From the line below that contains "# Drawn here: x" to the line that contains "msp = doc.modelspace()", repeat every line exactly, both ends included, and nothing else.

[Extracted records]

▬▬▬▬▬▬▬▬▬▬

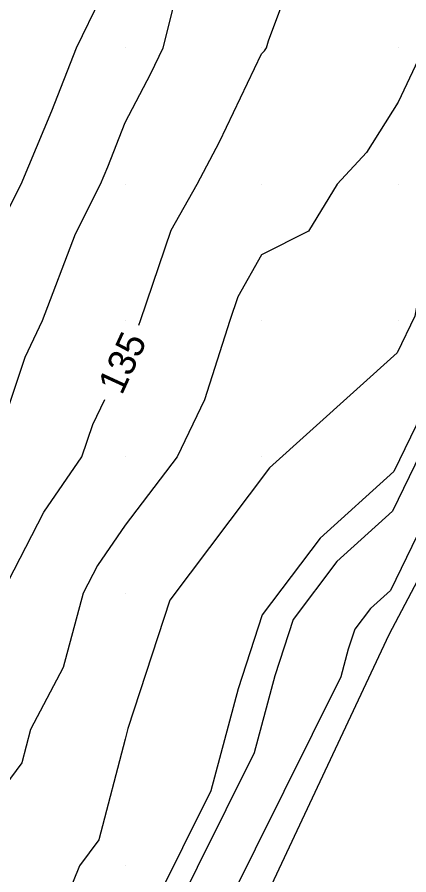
# Model space of a CAD drawing. Extents: x 2354170 to 2357230, y 866100 to 868290.
# Drawn here: x 2355492.1 to 2355520.8, y 866949.4 to 867012.3 of the extents above; entities that cross this region are included whole.
import ezdxf

# ---------------------------------------------------------------- set-up
doc = ezdxf.new("R2010")
doc.units = 0
for name, color, linetype in [('Default', 7, 'Continuous'), ('DTM Contours Major', 7, 'Continuous'), ('DTM Contours Major Text', 7, 'Continuous'), ('DTM Contours Minor', 7, 'Continuous'), ('Exist DTM QL2 LIDAR Elevation Point', 7, 'Continuous'), ('PH Exist DTM Breakline', 7, 'Continuous')]:
    doc.layers.add(name, color=color, linetype=linetype)

msp = doc.modelspace()

# ---------------------------------------------------------------- linework, layer by layer
at = {"layer": 'Default'}
for points in [[(2355582.614, 867094.599), (2355571.759, 867075.224), (2355569.67, 867072.595), (2355569.271, 867070.431), (2355560.24, 867053.373), (2355557.393, 867049.168), (2355556.935, 867046.529), (2355554.318, 867043.383), (2355553.487, 867039.811), (2355545.04, 867023.932), (2355544.84, 867023.495), (2355542.235, 867020.629), (2355541.646, 867017.533), (2355532.697, 866997.756), (2355530.88, 866995.141), (2355530.712, 866994.788), (2355530.34, 866992.739), (2355519.414, 866970.221), (2355517.95, 866968.897), (2355516.804, 866967.379), (2355516.326, 866965.905), (2355515.784, 866963.881), (2355505.317, 866942.843)], [(2355570.266, 867087.618), (2355562.618, 867077.991), (2355561.154, 867070.064), (2355560.011, 867067.905), (2355552.334, 867056.566), (2355551.1, 867049.45), (2355544.04, 867040.966), (2355541.802, 867031.334), (2355540.661, 867029.19), (2355540.634, 867029.131), (2355532.457, 867020.136), (2355530.608, 867010.417), (2355530.125, 867009.348), (2355522.772, 866998.762), (2355522.729, 866998.672), (2355521.212, 866990.336), (2355519.91, 866987.652), (2355510.56, 866979.198), (2355503.245, 866969.499), (2355500.186, 866960.085), (2355499.977, 866959.304), (2355498.053, 866951.934), (2355496.624, 866950.01), (2355494.365, 866944.398)], [(2355489.977, 866995.282), (2355492.36, 867000.011), (2355494.604, 867005.384), (2355496.421, 867010.011), (2355499.977, 867017.359), (2355501.187, 867020.011), (2355501.664, 867021.698), (2355504.728, 867030.011), (2355507.825, 867037.858), (2355508.448, 867040.011), (2355509.977, 867043.863), (2355512.249, 867047.739), (2355513.658, 867050.011), (2355516.342, 867053.646), (2355517.389, 867060.011), (2355519.977, 867064.428), (2355523.332, 867070.011), (2355525.976, 867076.01), (2355527.283, 867080.011)], [(2355500.99, 866989.672), (2355501.097, 866990.01), (2355503.343, 866996.644), (2355505.252, 867000.011), (2355506.884, 867003.104), (2355509.977, 867009.557), (2355510.196, 867009.792), (2355510.333, 867010.011), (2355510.493, 867010.527), (2355514.018, 867020.011), (2355515.908, 867025.941), (2355517.784, 867030.011), (2355519.977, 867033.322), (2355524.621, 867040.011), (2355526.787, 867043.201), (2355529.978, 867047.271), (2355531.518, 867048.47), (2355531.626, 867050.011), (2355532.37, 867057.619), (2355533.989, 867060.011), (2355536.432, 867066.466), (2355538.121, 867070.011), (2355539.978, 867073.753), (2355542.324, 867079.272)], [(2355539.698, 867022.971), (2355537.346, 867020.383), (2355536.127, 867013.975), (2355531.411, 867003.552), (2355526.826, 866996.951), (2355526.721, 866996.73), (2355525.776, 866991.537), (2355519.662, 866978.936), (2355514.255, 866974.048), (2355510.025, 866968.439), (2355508.256, 866962.995), (2355506.256, 866955.52), (2355502.098, 866947.163), (2355497.719, 866940.29), (2355496.77, 866934.655)], [(2355490.178, 866980.01), (2355492.66, 866987.328), (2355493.933, 866990.01), (2355496.329, 866996.362), (2355498.167, 867000.011), (2355498.7, 867001.287), (2355499.977, 867004.538), (2355501.867, 867008.121), (2355502.773, 867010.011), (2355503.701, 867013.734)], [(2355522.927, 867012.96), (2355521.866, 867010.011), (2355519.977, 867006.021), (2355517.659, 867002.329), (2355515.502, 867000.011), (2355513.422, 866996.565), (2355509.977, 866994.83), (2355508.233, 866991.754), (2355507.643, 866990.01), (2355505.794, 866984.194), (2355503.795, 866980.01), (2355499.977, 866975), (2355497.945, 866972.043), (2355496.902, 866970.01), (2355495.427, 866964.56), (2355493.048, 866960.01), (2355492.412, 866957.575), (2355489.977, 866954.297)], [(2355481.936, 866948.051), (2355482.395, 866950.01), (2355484.887, 866955.1), (2355486.898, 866960.01), (2355487.614, 866962.373), (2355489.977, 866967.743), (2355490.756, 866969.232), (2355490.966, 866970.01), (2355494.02, 866975.967), (2355496.8, 866980.01), (2355497.604, 866982.383), (2355498.48, 866984.227)]]:
    msp.add_lwpolyline(points, dxfattribs=at)
at = {"layer": 'DTM Contours Major'}
for points in [[(2355500.99, 866989.672), (2355501.097, 866990.01), (2355503.343, 866996.644), (2355505.252, 867000.011), (2355506.884, 867003.104), (2355509.977, 867009.557), (2355510.196, 867009.792), (2355510.333, 867010.011), (2355510.493, 867010.527), (2355514.018, 867020.011), (2355515.908, 867025.941), (2355517.784, 867030.011), (2355519.977, 867033.322), (2355524.621, 867040.011), (2355526.787, 867043.201), (2355529.978, 867047.271), (2355531.518, 867048.47), (2355531.626, 867050.011), (2355532.37, 867057.619), (2355533.989, 867060.011), (2355536.432, 867066.466), (2355538.121, 867070.011), (2355539.978, 867073.753), (2355542.324, 867079.272)], [(2355481.936, 866948.051), (2355482.395, 866950.01), (2355484.887, 866955.1), (2355486.898, 866960.01), (2355487.614, 866962.373), (2355489.977, 866967.743), (2355490.756, 866969.232), (2355490.966, 866970.01), (2355494.02, 866975.967), (2355496.8, 866980.01), (2355497.604, 866982.383), (2355498.48, 866984.227)]]:
    msp.add_lwpolyline(points, dxfattribs=at)
at = {"layer": 'DTM Contours Minor'}
msp.add_lwpolyline([(2355545.675, 867029.622), (2355543.58, 867025.685), (2355543.438, 867025.374), (2355538.975, 867020.465), (2355537.967, 867015.161), (2355531.839, 867001.62), (2355528.178, 866996.348), (2355528.051, 866996.082), (2355527.297, 866991.938), (2355519.579, 866976.031), (2355515.486, 866972.331), (2355512.285, 866968.086), (2355510.946, 866963.965), (2355509.432, 866958.307), (2355503.171, 866945.723)], dxfattribs=at)
at = {"layer": 'Exist DTM QL2 LIDAR Elevation Point'}
for p, q in [((2355499.977, 867010.011), (2355499.977, 867010.011)), ((2355509.977, 867010.011), (2355509.977, 867010.011)), ((2355519.977, 867010.011), (2355519.977, 867010.011)), ((2355499.977, 867000.011), (2355499.977, 867000.011)), ((2355509.977, 867000.011), (2355509.977, 867000.011)), ((2355519.977, 867000.011), (2355519.977, 867000.011)), ((2355499.977, 866990.01), (2355499.977, 866990.01)), ((2355509.977, 866990.01), (2355509.977, 866990.01)), ((2355519.977, 866990.01), (2355519.977, 866990.01)), ((2355499.977, 866980.01), (2355499.977, 866980.01)), ((2355509.977, 866980.01), (2355509.977, 866980.01)), ((2355499.977, 866970.01), (2355499.977, 866970.01)), ((2355499.977, 866960.01), (2355499.977, 866960.01)), ((2355499.977, 866950.01), (2355499.977, 866950.01))]:
    msp.add_line(p, q, dxfattribs=at)
at = {"layer": 'PH Exist DTM Breakline'}
msp.add_lwpolyline([(2355400.072, 866711.56), (2355405.902, 866730.247), (2355416.389, 866751.717), (2355427.362, 866780.815), (2355441.715, 866807.607), (2355448.758, 866835.801), (2355461.562, 866858.553), (2355478.458, 866887.263), (2355493.304, 866914.341), (2355506.971, 866940.624), (2355519.321, 866966.985), (2355533.541, 866993.952), (2355547.101, 867021.457), (2355560.375, 867044.808), (2355572.32, 867070.568), (2355587.937, 867097.012), (2355600.743, 867121.888), (2355610.75, 867143.33), (2355613.41, 867148.104), (2355613.419, 867152.415)], dxfattribs=at)

# ---------------------------------------------------------------- texts
at = {"layer": 'Default'}
msp.add_text('135', height=2, rotation=65.25143, dxfattribs=at).set_placement((2355499.735, 866984.481))
at = {"layer": 'DTM Contours Major Text'}
msp.add_text('135', height=2, rotation=65.25143, dxfattribs=at).set_placement((2355499.735, 866984.481))

doc.saveas('drawing.dxf')

▬▬▬▬▬▬▬▬▬▬

Expected output.
# Drawn here: x 2355492.1 to 2355520.8, y 866949.4 to 867012.3 of the extents above; entities that cross this region are included whole.
import ezdxf

# ---------------------------------------------------------------- set-up
doc = ezdxf.new("R2010")
doc.units = 0
for name, color, linetype in [('Default', 7, 'Continuous'), ('DTM Contours Major', 7, 'Continuous'), ('DTM Contours Major Text', 7, 'Continuous'), ('DTM Contours Minor', 7, 'Continuous'), ('Exist DTM QL2 LIDAR Elevation Point', 7, 'Continuous'), ('PH Exist DTM Breakline', 7, 'Continuous')]:
    doc.layers.add(name, color=color, linetype=linetype)

msp = doc.modelspace()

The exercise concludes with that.